L’attention des médias internationaux, notamment un article ravageur du Financial Times en octobre 2013, se focalisa tout particulièrement sur Sarah Khabirpour, qui cumulait les postes de conseillère au ministère des Finances sous Luc Frieden (CSV), d’administratrice de la BIL et de présidente du conseil de la CSSF. Elle fut la cible d’un acharnement sans précédent qui obligea en 2013 Jean-Claude Juncker, le Premier ministre d’alors, de se fendre d’une lettre à la Commission européenne pour défendre l’honneur de la fonctionnaire cumularde. Khabirpour démissionna de son mandat à la CSSF en février 2014, peu après l’arrivée d’un nouveau locataire aux Finances, et quitta d’ailleurs l’administration publique.
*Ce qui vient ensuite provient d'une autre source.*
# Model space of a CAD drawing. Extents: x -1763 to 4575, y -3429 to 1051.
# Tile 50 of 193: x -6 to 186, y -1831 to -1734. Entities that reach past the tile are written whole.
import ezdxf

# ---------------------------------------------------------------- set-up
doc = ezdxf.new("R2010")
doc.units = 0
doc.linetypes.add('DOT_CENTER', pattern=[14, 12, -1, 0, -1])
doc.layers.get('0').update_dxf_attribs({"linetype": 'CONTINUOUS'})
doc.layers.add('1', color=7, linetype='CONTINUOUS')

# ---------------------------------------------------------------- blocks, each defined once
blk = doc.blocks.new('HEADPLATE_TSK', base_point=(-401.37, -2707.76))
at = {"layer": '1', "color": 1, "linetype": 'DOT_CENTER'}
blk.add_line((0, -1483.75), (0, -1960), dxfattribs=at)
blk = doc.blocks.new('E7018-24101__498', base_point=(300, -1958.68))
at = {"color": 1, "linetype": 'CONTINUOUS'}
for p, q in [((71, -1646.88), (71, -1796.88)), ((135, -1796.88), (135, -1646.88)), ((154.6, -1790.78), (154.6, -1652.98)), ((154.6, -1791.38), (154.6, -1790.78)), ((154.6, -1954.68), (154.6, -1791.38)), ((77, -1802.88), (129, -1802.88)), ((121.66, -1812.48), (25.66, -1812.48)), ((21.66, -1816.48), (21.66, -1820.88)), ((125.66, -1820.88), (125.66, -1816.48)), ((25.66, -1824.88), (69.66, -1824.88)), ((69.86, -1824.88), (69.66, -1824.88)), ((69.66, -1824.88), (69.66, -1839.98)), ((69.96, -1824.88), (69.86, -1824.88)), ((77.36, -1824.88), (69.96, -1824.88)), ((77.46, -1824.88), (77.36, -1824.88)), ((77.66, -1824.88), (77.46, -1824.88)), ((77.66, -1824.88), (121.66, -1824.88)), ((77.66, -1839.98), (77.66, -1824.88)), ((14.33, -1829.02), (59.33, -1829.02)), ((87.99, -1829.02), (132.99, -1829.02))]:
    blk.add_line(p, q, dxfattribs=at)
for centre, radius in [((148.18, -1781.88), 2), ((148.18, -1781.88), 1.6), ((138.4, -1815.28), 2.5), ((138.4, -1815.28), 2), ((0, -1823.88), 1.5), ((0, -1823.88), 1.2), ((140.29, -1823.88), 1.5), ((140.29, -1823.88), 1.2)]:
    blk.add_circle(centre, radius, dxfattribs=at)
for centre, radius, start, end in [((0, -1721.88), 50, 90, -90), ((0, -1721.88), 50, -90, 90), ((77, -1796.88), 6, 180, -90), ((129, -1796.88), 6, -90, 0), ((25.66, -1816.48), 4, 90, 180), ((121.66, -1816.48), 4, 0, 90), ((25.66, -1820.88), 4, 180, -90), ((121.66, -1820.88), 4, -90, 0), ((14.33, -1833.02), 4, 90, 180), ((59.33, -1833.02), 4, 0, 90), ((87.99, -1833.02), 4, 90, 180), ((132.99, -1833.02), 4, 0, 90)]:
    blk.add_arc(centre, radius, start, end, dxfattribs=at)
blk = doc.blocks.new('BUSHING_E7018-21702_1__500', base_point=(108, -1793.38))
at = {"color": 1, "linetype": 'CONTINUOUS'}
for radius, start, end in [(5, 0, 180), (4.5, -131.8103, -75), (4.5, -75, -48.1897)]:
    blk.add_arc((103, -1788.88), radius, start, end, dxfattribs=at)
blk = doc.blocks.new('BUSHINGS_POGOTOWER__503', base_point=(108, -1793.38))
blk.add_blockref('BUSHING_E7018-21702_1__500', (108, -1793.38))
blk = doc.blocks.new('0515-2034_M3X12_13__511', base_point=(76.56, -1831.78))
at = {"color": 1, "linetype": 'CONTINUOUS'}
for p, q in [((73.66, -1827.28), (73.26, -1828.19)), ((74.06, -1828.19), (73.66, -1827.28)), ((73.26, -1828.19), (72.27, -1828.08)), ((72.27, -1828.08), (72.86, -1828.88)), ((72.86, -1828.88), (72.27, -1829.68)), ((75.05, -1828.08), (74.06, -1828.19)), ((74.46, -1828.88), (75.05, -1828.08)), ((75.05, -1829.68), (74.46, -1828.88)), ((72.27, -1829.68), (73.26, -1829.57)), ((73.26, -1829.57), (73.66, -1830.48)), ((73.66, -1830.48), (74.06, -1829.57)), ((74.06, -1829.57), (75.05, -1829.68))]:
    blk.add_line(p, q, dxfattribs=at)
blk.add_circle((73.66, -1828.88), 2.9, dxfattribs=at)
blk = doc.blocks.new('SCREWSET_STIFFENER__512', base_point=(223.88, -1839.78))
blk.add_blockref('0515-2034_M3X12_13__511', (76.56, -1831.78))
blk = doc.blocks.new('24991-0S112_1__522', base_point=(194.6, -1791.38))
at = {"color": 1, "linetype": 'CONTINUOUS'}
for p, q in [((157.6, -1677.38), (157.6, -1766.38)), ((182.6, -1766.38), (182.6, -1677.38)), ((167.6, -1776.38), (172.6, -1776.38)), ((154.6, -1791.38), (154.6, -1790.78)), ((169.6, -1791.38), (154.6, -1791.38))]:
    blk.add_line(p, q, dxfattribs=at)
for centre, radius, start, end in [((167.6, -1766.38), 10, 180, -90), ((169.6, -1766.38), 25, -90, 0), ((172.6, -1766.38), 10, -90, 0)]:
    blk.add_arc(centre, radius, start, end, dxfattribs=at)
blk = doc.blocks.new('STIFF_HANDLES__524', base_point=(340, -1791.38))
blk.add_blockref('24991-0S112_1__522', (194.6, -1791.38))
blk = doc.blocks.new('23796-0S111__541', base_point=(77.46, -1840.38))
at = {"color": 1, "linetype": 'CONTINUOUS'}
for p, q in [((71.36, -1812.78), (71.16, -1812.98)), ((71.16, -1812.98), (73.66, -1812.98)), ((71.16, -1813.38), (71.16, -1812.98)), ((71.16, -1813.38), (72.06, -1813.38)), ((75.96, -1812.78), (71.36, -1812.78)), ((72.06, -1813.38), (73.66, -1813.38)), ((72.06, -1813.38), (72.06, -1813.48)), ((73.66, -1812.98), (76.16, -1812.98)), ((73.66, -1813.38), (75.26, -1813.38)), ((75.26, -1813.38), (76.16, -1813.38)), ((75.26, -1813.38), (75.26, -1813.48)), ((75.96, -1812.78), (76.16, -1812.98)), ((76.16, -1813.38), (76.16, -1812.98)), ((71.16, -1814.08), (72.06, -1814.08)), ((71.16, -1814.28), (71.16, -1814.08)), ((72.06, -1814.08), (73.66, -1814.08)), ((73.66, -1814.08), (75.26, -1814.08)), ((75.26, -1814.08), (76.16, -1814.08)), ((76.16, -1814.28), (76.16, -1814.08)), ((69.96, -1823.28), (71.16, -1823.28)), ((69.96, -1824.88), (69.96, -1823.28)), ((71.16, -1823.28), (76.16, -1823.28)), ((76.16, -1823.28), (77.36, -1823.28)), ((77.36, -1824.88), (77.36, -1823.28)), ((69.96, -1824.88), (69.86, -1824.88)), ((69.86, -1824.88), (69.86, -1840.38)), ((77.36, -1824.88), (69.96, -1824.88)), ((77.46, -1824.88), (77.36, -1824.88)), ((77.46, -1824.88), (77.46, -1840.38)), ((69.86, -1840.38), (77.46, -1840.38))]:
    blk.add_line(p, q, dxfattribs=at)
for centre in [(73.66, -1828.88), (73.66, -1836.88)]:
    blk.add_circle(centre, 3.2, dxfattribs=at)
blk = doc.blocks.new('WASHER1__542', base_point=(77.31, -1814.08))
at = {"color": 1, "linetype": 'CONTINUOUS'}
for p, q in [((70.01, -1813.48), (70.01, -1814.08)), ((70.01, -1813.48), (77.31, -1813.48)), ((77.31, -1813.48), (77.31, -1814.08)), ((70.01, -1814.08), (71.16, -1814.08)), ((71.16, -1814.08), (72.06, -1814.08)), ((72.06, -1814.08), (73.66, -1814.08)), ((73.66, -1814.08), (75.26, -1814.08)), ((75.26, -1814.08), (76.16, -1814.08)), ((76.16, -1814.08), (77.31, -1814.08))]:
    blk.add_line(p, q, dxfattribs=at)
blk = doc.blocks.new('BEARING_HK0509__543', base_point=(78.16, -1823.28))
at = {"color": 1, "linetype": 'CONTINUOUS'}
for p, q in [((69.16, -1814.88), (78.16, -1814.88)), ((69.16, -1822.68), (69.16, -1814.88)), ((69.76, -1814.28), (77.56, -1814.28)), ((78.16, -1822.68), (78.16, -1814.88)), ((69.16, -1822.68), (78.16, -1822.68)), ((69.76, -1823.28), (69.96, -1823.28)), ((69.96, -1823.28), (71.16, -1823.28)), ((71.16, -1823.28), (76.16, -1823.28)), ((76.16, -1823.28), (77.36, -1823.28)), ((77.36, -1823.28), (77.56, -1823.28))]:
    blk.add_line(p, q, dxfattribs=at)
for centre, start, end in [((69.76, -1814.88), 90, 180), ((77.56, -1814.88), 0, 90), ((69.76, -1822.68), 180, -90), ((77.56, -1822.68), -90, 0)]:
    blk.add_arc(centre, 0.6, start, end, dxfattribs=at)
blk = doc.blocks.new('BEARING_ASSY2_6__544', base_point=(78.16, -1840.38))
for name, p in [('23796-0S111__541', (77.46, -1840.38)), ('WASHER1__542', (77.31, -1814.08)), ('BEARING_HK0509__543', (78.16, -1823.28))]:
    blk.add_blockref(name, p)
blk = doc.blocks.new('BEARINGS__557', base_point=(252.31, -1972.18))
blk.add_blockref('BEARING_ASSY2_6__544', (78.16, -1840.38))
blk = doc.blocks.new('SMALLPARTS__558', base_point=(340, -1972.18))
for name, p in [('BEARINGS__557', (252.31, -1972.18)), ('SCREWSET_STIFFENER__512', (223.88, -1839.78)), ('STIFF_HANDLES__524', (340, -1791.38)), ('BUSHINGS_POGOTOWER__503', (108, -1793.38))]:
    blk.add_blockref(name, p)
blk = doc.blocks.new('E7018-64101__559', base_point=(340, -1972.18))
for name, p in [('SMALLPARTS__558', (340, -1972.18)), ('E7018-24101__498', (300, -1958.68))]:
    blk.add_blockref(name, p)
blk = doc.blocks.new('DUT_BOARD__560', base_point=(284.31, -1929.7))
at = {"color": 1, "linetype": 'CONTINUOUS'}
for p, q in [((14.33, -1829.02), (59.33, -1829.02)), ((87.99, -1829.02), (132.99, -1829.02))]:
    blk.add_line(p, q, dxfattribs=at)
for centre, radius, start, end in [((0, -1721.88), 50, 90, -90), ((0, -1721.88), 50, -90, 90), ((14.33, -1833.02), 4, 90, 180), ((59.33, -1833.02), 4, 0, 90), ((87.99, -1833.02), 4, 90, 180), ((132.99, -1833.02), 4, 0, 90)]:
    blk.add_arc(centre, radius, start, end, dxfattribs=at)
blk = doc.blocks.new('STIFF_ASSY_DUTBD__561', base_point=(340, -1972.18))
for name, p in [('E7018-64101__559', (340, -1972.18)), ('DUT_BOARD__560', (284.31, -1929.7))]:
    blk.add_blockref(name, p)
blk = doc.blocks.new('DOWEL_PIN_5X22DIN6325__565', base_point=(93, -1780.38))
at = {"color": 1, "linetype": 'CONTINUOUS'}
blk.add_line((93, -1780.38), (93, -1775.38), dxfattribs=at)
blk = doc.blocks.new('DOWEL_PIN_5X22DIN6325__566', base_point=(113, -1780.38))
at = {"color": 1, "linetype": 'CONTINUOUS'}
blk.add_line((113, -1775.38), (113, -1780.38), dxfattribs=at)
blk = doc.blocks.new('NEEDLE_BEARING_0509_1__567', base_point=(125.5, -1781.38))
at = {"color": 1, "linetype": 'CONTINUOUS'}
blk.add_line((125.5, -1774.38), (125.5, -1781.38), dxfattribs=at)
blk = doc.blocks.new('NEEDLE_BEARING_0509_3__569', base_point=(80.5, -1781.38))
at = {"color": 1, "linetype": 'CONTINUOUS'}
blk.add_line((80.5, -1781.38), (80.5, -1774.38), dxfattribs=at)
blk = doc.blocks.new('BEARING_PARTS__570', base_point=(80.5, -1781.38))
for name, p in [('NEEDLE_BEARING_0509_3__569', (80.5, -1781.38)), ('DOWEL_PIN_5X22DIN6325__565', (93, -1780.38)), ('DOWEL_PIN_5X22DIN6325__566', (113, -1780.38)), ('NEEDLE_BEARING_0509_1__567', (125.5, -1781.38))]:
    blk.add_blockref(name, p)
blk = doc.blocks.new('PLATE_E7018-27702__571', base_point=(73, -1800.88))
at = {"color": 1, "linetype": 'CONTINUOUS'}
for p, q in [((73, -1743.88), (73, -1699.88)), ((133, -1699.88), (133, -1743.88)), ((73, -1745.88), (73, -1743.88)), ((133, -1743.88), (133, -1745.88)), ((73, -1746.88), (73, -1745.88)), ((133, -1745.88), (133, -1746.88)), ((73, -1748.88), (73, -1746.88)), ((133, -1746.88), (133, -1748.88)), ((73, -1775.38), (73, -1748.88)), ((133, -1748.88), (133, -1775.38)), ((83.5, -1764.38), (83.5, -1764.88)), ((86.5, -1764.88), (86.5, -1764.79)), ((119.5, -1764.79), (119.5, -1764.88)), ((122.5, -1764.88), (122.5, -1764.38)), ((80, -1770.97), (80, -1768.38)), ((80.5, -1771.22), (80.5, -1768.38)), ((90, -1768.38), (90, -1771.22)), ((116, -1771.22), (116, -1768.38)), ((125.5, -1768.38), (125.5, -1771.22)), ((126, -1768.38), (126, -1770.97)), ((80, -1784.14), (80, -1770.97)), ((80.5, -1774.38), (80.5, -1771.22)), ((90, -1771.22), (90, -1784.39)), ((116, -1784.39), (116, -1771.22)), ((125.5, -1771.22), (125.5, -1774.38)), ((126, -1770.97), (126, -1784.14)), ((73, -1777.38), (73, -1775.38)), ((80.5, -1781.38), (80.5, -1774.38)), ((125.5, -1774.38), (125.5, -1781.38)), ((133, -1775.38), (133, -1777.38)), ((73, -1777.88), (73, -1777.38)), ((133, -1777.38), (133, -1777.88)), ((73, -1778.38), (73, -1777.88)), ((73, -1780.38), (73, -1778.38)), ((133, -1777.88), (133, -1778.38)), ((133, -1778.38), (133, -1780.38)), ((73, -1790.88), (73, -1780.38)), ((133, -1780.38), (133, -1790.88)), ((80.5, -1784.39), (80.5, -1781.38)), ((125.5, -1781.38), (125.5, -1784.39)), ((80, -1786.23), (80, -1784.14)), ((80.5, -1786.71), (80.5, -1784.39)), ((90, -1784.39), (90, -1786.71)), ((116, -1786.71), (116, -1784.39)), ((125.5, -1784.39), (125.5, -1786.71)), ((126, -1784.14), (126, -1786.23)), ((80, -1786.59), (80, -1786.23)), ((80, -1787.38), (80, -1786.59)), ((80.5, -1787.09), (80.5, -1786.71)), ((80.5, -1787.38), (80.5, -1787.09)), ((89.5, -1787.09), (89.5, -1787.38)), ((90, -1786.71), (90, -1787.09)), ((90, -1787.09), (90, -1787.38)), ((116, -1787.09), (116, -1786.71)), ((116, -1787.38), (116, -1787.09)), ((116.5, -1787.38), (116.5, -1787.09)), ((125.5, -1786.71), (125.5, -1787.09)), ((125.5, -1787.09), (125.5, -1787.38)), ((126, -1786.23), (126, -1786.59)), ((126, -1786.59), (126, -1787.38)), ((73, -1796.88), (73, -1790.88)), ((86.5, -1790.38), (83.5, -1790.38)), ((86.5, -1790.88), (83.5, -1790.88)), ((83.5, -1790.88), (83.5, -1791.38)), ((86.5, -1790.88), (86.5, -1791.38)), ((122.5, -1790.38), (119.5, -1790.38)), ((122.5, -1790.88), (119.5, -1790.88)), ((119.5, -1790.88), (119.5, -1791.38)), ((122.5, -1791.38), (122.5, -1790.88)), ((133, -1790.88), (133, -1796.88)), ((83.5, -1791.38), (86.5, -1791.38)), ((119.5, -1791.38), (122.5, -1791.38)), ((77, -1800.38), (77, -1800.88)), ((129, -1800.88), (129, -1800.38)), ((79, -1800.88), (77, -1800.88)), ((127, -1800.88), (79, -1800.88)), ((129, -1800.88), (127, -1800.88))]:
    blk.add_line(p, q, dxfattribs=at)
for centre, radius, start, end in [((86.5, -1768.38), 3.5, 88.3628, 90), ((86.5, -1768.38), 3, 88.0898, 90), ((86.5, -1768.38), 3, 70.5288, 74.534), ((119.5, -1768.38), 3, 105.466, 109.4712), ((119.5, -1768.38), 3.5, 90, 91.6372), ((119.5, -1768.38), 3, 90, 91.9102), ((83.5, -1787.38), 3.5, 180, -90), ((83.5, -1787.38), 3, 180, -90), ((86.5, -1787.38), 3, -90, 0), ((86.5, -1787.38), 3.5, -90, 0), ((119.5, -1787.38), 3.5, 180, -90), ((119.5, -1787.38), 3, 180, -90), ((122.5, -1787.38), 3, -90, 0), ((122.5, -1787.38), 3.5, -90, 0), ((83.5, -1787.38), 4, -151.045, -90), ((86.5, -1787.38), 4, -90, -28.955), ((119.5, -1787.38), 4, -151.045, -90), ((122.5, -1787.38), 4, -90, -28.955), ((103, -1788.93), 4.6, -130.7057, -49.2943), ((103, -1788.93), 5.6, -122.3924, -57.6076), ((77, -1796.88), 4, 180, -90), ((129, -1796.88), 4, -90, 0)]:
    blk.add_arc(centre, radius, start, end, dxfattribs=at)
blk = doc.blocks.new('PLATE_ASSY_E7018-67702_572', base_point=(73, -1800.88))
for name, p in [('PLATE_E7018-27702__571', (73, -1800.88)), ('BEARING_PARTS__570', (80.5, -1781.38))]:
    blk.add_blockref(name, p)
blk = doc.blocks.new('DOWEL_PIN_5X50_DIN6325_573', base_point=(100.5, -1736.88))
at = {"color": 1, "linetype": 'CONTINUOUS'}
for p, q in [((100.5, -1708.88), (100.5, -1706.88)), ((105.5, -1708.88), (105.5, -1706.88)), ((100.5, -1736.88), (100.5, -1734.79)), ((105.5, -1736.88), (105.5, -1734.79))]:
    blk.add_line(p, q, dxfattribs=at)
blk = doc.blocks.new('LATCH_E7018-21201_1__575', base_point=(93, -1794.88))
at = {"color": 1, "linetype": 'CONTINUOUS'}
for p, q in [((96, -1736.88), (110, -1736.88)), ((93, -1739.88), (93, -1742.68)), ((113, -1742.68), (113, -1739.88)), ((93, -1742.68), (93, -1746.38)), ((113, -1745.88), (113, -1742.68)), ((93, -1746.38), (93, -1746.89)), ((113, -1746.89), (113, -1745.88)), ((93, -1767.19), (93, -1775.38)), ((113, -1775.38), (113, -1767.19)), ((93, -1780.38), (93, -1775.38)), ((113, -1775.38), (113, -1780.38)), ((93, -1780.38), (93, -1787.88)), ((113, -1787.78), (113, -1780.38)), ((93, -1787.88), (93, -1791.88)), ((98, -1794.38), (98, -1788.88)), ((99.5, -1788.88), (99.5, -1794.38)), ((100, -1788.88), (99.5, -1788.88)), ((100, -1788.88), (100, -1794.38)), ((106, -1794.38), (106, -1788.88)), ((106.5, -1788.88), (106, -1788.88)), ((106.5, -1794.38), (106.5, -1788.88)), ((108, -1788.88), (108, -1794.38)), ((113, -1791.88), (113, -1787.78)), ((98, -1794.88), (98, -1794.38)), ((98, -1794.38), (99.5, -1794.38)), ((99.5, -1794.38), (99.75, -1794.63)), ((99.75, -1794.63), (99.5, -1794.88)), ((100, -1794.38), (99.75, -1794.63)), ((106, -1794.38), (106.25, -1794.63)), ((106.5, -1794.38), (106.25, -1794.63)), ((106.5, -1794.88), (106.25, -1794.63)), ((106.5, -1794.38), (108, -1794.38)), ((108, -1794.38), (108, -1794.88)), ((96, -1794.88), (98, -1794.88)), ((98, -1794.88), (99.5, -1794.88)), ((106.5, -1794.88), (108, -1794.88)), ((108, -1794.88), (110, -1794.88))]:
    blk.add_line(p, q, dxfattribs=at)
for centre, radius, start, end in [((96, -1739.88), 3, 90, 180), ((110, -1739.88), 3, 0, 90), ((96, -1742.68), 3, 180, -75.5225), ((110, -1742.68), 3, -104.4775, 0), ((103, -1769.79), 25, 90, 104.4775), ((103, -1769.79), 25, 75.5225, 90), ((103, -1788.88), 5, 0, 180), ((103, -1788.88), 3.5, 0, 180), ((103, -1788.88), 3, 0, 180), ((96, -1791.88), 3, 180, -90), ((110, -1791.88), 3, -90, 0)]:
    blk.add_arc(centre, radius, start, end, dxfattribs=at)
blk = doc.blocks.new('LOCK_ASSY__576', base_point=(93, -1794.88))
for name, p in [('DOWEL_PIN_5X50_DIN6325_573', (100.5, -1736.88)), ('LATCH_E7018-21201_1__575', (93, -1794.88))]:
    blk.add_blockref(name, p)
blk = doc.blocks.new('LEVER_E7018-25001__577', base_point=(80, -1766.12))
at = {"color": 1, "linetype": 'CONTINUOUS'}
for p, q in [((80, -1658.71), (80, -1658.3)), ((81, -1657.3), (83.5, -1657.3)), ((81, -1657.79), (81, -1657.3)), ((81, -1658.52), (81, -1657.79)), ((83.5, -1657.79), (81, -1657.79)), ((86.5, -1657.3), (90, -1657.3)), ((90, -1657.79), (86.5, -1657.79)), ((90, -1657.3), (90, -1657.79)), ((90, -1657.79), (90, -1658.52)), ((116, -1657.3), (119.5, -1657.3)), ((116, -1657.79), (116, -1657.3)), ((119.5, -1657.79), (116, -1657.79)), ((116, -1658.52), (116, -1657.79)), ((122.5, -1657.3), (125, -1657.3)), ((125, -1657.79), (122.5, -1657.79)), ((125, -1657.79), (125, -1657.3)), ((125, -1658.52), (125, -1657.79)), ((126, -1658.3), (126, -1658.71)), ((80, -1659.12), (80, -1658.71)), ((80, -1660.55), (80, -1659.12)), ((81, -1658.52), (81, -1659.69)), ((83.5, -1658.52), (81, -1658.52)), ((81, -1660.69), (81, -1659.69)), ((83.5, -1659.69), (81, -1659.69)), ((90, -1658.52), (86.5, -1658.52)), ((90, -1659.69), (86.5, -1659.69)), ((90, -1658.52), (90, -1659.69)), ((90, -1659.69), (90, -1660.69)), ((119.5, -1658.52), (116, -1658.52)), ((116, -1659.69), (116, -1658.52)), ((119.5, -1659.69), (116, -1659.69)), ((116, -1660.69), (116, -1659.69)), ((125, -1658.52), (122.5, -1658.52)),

Le ministre devra trancher

Ce départ fut un soulagement et en annonça d’autres. Le plus spectaculaire fut celui du président de l’ABBL et patron de Deutsche Bank Luxembourg, Ernst Wilhelm Contzen en 2014. Cette démission aurait été le fruit d’un arrangement à l’amiable entre Contzen et Jean Guill (qui dirigeait alors la CSSF) avec la bénédiction du ministre des Finances Pierre Gramegna (DP). Désormais, et pour éviter des soupçons de conflits d’intérêts et de mélange des genres, le mandat au conseil de la CSSF reviendrait au directeur général de l’ABBL.

C’est ainsi que Serge De Cillia y fit son entrée. Son mandat de 5 ans fut renouvelé en juin 2019. Son contrat avec l’ABBL s’achevant le 15 mai prochain, il devra céder sa place au conseil de la CSSF aussi. Or, les responsables du régulateur du secteur financier ne semblent pas enchantés à l’idée de voir arriver Yves Maas, certes adoubé directeur général de l’ABBL, mais en même temps président de Crédit Suisse Luxembourg. Personne ne souhaite revivre une «affaire Khabirpour bis».

Pourtant c’est bien le scénario qui se profile d’ici deux semaines. Le conseil d’administration de l’ABBL soutient des deux mains la candidature de Maas à la CSSF et refuse de voir un conflit d’intérêts.

Les nominations au conseil du régulateur étant l’affaire du ministre des Finances avec l’aval du conseil de gouvernement puis du grand-duc sur proposition des entreprises et personnes surveillées, il appartient à Pierre Gramegna de trancher le sort de l’embarrassant Monsieur Maas.

Contacté par REPORTER, le porte-parole du ministre des Finances a indiqué ne pas disposer d’informations au sujet de cette affaire.